L’article 24 du projet de loi prévoit de modifier les dispositions du code de l’environnement afin de créer des points de contacts pour les projets éoliens en mer situés en zone économique exclusive.
Les éoliennes en mer suscitent de vives critiques en raison de leurs impacts multiples et de leurs bénéfices discutables. D’un point de vue environnemental, ces installations perturbent gravement les écosystèmes marins. Les bruits générés lors des travaux de construction nuisent à la faune sous-marine, notamment les mammifères marins, tandis que les structures elles-mêmes altèrent les fonds marins et peuvent entraîner des collisions mortelles pour les oiseaux. Sur le plan économique, leur coût reste prohibitif : la mise en œuvre, le raccordement et la maintenance nécessitent des investissements considérables, largement financés par des subventions publiques, sans pour autant garantir une production fiable d’électricité en raison de son intermittence.
Ces projets portent également atteinte aux activités maritimes traditionnelles, comme la pêche, et à l’attractivité touristique des côtes françaises en raison d’impacts non négligeables sur les paysages. Enfin, leur contribution réelle à la lutte contre le changement climatique apparaît minime pour des pays comme la France, qui dispose déjà d’une énergie propre et décarbonée grâce à son parc nucléaire.

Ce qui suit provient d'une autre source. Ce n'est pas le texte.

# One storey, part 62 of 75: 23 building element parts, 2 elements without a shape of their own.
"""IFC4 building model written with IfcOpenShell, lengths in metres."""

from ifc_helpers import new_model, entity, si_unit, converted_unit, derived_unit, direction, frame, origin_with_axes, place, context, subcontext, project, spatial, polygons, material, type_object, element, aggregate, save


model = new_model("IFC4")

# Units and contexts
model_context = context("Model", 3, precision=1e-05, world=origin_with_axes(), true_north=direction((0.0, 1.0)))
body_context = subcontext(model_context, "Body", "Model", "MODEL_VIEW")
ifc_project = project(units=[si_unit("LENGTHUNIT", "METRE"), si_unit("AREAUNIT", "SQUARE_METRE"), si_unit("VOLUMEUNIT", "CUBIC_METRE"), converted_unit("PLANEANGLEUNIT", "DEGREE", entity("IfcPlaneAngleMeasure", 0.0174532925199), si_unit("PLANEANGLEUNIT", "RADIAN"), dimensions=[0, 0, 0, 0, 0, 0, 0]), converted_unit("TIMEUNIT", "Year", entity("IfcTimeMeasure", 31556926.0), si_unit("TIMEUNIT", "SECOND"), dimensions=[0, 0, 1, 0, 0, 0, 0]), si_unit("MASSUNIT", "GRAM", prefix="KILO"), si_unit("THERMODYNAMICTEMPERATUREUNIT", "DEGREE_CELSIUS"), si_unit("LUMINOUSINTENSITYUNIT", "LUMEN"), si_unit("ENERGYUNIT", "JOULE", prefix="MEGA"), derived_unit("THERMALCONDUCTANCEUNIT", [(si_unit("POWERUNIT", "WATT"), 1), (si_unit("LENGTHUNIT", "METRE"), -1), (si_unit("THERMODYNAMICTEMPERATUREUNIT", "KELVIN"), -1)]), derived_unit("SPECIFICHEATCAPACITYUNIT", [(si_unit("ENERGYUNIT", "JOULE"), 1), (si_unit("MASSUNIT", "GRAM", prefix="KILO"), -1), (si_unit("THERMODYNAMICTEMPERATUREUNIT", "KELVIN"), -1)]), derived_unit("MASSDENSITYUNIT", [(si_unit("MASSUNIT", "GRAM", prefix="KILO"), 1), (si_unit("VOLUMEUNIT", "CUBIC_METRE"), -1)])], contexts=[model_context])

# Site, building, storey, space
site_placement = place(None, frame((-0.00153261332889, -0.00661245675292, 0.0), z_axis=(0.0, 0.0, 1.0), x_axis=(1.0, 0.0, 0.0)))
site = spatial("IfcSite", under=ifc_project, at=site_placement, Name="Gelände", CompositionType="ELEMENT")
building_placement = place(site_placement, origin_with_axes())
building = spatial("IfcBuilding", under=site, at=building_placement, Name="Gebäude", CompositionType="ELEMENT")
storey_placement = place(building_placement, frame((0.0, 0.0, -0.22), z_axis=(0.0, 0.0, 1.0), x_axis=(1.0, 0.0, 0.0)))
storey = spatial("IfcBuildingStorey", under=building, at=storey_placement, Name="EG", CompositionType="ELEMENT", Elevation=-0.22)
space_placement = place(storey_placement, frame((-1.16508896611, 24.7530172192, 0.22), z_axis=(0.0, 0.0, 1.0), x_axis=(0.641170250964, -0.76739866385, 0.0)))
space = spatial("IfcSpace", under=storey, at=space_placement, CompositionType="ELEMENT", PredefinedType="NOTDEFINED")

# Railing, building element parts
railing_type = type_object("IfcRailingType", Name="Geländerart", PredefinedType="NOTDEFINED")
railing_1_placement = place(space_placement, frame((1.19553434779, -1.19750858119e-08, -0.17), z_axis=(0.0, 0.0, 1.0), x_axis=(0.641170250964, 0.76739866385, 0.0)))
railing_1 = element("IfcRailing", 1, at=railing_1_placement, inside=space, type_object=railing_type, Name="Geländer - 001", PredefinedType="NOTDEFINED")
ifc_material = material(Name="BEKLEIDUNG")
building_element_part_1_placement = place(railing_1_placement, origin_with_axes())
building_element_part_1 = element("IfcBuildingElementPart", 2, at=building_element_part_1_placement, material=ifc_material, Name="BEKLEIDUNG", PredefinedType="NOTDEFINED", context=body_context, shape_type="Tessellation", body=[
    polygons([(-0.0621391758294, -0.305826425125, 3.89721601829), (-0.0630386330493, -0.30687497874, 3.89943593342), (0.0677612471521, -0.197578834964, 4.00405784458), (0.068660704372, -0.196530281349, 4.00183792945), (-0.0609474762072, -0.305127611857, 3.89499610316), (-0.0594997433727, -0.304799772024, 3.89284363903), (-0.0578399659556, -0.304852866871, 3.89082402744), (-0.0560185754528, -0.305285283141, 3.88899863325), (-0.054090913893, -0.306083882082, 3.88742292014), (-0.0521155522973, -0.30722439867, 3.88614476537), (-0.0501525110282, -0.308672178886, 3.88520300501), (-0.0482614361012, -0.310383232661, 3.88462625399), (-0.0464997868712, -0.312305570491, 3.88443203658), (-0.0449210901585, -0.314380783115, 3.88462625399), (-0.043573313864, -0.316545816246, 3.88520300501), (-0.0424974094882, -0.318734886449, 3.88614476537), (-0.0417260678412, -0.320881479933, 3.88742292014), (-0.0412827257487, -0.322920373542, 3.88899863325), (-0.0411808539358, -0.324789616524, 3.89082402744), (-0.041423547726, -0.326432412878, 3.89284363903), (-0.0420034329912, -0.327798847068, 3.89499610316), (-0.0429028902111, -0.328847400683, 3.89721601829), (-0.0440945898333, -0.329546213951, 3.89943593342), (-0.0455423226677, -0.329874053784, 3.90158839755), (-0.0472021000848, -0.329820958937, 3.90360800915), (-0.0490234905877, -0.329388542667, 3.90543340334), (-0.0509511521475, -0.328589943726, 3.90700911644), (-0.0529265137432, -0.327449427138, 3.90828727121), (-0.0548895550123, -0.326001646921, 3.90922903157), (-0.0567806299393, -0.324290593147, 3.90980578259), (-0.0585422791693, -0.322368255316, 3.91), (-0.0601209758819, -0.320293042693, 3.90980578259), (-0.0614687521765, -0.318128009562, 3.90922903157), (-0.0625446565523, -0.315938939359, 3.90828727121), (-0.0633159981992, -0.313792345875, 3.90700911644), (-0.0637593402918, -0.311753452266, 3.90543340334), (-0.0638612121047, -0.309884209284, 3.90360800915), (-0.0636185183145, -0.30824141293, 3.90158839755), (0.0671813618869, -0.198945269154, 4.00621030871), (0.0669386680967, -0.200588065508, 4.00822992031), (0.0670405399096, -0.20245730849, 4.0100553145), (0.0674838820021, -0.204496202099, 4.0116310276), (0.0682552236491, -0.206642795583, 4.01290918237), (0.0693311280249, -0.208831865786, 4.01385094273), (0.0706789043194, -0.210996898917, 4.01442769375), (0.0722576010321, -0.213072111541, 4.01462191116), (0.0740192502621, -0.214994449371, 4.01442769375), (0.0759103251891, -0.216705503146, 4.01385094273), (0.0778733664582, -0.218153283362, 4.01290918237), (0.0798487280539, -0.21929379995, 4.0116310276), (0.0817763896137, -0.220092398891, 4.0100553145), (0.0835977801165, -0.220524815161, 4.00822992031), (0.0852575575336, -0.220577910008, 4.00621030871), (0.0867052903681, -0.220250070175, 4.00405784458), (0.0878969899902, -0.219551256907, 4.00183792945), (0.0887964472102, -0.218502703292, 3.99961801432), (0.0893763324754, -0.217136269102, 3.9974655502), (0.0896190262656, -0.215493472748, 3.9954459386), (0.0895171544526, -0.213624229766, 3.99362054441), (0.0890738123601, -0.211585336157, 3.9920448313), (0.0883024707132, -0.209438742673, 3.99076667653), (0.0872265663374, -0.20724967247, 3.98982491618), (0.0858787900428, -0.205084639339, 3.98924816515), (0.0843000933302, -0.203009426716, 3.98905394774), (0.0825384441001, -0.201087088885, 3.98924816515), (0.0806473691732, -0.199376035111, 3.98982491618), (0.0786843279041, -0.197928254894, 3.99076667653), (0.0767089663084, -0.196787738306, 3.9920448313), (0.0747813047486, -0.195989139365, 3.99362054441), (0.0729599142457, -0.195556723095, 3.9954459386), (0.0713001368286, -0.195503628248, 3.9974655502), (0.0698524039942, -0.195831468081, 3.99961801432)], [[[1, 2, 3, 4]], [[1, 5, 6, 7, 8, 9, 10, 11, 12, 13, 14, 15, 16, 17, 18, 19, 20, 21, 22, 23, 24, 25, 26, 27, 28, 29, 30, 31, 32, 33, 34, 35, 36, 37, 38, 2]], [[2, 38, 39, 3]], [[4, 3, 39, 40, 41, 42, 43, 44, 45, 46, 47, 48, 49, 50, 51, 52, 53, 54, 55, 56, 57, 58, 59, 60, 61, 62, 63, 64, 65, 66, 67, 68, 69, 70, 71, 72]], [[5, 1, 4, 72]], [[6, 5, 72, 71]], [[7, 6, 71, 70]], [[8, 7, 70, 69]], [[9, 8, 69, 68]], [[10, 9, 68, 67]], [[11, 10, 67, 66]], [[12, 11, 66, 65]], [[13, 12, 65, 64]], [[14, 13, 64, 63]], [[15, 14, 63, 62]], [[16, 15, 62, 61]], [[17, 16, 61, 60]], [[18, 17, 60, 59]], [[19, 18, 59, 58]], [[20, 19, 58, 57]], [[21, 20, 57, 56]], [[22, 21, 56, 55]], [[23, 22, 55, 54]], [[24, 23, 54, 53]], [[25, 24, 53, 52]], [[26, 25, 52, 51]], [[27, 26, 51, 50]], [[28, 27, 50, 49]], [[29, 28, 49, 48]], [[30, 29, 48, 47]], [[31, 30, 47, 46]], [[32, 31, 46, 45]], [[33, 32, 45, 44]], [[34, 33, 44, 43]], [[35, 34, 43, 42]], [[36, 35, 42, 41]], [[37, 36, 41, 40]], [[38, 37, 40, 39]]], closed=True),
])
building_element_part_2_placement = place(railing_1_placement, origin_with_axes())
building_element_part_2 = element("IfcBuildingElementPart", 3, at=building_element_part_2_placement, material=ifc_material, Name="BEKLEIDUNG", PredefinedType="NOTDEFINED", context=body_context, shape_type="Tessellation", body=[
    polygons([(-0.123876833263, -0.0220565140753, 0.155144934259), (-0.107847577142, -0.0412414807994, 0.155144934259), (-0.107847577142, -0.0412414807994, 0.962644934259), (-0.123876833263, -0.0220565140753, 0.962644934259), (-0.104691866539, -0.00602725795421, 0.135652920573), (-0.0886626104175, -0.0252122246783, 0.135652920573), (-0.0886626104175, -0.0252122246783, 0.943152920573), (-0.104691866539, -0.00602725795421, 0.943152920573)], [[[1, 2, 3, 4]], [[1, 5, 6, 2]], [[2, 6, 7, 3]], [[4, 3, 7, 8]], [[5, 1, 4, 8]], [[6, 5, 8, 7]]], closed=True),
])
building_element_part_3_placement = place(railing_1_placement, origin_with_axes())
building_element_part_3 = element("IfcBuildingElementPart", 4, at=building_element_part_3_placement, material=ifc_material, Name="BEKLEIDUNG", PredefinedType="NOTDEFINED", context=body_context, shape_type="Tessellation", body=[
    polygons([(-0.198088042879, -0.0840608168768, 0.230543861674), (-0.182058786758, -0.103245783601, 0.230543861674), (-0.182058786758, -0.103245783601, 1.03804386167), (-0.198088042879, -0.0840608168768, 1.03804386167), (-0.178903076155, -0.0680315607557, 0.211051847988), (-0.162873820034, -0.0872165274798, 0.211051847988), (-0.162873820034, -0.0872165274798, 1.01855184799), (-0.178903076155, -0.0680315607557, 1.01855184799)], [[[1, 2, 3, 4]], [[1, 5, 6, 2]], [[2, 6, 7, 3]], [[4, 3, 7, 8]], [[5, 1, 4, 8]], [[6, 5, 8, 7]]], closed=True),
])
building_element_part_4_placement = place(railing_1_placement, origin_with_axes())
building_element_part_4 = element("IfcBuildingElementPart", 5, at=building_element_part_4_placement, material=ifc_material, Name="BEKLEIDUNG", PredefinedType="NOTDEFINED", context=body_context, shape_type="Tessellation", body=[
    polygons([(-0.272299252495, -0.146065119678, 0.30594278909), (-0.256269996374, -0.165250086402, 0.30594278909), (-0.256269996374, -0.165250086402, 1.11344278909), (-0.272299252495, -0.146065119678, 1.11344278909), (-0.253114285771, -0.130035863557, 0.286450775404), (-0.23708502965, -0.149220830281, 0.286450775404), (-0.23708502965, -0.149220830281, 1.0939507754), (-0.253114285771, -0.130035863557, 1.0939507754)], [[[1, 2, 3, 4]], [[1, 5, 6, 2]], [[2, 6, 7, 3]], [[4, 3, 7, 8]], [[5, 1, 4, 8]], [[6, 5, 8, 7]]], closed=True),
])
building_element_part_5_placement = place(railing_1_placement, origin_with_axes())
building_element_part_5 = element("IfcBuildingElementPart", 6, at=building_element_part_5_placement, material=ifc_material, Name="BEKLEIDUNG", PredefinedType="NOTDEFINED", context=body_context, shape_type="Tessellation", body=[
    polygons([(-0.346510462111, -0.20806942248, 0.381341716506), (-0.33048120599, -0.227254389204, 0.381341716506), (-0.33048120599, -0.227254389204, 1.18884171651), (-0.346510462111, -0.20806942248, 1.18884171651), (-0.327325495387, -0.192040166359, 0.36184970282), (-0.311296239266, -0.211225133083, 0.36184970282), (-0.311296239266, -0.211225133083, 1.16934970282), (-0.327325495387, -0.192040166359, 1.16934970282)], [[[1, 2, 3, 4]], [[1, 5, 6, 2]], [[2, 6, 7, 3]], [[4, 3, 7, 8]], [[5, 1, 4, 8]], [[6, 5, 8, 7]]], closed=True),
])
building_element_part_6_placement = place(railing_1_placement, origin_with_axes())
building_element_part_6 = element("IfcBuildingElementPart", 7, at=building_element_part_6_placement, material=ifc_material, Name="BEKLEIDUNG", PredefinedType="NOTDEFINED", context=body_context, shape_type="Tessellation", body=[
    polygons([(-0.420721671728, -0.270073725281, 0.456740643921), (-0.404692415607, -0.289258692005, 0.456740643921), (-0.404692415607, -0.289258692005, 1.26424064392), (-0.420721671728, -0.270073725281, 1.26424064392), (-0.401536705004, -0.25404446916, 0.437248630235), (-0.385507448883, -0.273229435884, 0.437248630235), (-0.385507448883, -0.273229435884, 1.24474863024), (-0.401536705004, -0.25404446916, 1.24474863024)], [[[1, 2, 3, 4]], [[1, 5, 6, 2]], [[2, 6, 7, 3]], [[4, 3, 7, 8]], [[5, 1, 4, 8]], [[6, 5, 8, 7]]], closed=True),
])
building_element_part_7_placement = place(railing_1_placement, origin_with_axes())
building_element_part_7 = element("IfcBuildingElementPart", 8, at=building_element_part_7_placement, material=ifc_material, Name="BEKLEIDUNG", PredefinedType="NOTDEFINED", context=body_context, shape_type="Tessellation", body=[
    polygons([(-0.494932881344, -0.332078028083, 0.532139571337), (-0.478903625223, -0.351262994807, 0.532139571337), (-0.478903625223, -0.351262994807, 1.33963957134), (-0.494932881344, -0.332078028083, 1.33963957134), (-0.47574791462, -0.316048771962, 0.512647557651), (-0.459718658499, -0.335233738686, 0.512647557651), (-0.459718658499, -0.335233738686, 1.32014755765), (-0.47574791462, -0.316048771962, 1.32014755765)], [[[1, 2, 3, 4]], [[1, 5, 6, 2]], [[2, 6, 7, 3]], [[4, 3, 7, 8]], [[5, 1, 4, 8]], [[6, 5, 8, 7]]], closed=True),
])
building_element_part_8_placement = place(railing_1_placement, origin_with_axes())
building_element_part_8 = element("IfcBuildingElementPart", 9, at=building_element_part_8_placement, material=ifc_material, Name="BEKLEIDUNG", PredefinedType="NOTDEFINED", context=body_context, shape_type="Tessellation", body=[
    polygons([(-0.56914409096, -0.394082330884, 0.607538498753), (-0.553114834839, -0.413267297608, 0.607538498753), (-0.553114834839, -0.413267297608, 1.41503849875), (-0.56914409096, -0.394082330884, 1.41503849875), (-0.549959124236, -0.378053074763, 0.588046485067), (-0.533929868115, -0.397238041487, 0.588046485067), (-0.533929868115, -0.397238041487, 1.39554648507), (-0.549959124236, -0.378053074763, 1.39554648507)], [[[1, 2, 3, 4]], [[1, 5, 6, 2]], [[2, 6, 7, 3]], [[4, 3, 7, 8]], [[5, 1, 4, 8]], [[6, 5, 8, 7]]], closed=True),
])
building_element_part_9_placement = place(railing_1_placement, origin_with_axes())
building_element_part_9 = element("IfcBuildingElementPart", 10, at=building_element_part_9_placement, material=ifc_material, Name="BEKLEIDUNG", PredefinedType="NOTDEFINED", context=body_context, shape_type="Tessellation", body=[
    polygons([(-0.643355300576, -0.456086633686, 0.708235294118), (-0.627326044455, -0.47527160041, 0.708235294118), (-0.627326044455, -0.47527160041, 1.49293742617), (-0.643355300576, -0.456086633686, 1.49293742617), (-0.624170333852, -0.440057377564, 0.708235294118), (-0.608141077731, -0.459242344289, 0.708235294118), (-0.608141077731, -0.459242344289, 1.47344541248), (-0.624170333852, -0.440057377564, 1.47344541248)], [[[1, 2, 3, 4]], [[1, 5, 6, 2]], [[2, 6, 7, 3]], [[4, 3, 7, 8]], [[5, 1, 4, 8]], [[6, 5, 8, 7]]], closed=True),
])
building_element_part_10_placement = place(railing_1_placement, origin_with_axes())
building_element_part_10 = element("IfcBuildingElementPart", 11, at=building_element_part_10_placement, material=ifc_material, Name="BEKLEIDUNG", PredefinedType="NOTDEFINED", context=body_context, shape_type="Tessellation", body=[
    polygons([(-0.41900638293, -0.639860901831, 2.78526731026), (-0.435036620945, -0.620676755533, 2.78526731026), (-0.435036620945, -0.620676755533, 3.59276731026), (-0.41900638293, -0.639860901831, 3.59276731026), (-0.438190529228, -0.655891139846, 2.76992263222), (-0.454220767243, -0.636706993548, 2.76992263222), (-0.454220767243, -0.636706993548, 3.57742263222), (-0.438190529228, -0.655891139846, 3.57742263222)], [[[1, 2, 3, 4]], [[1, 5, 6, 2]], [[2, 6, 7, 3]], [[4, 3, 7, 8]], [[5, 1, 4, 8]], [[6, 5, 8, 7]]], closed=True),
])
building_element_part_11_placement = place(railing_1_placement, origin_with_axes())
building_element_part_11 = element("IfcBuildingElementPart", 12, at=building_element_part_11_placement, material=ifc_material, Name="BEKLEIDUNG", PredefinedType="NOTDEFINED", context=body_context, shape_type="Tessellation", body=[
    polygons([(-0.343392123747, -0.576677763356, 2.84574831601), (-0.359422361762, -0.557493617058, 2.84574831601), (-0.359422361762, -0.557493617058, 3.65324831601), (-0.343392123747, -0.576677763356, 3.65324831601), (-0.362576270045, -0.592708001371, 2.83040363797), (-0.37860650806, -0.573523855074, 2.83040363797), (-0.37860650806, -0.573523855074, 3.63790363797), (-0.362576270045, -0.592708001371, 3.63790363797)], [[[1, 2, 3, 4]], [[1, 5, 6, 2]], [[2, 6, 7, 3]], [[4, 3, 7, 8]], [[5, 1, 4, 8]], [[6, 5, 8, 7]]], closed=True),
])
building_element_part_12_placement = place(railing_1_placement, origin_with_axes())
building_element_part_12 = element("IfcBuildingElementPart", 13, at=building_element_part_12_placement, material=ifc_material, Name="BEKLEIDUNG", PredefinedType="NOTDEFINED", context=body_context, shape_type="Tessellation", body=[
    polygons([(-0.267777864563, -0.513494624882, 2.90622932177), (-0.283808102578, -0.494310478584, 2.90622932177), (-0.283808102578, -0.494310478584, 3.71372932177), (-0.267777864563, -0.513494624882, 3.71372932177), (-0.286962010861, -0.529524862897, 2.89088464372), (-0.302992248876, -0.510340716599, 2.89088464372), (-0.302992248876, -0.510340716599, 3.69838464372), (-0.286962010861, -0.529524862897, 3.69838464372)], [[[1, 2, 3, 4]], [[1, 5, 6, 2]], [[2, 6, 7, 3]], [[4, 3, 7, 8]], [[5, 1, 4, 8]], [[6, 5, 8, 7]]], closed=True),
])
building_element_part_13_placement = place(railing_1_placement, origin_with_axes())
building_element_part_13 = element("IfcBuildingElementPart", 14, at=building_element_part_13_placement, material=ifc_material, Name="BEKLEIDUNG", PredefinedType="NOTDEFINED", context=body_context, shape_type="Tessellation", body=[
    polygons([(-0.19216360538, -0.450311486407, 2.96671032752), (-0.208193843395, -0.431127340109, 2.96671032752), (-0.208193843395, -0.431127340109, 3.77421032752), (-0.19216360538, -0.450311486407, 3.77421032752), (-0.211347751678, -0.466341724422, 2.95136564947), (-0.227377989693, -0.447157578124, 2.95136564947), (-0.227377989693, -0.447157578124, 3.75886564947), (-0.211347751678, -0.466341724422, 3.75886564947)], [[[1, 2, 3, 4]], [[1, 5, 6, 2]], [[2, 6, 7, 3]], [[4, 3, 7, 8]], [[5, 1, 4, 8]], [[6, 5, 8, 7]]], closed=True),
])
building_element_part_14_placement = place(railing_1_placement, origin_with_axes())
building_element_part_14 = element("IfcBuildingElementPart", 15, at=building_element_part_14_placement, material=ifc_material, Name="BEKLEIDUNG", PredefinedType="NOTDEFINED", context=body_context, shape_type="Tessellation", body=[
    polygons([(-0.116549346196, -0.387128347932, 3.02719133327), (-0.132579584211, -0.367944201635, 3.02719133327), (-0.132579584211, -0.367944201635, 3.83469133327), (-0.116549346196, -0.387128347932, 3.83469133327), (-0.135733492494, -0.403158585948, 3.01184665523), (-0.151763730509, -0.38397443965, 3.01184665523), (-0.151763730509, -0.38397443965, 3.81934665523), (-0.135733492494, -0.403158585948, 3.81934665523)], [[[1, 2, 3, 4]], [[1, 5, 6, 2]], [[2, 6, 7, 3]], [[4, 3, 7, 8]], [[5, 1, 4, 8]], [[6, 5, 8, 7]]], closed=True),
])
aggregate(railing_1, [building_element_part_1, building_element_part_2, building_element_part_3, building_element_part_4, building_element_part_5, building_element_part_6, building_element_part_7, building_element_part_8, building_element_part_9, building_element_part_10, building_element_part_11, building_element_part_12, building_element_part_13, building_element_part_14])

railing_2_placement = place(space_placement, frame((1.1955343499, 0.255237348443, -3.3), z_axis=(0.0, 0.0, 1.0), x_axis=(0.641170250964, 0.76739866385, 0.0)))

Face à ces limites, le groupe Rassemblement national estime qu’il est imprudent de poursuivre le déploiement de l’éolien en mer sans une évaluation approfondie des impacts économiques, sociaux et environnementaux. Par cet amendement de suppression, nous affirmons la nécessité d’un moratoire immédiat sur ces projets, au bénéfice d’une planification énergétique mieux maîtrisée, plus efficace et davantage respectueuse de nos territoires et de leurs écosystèmes.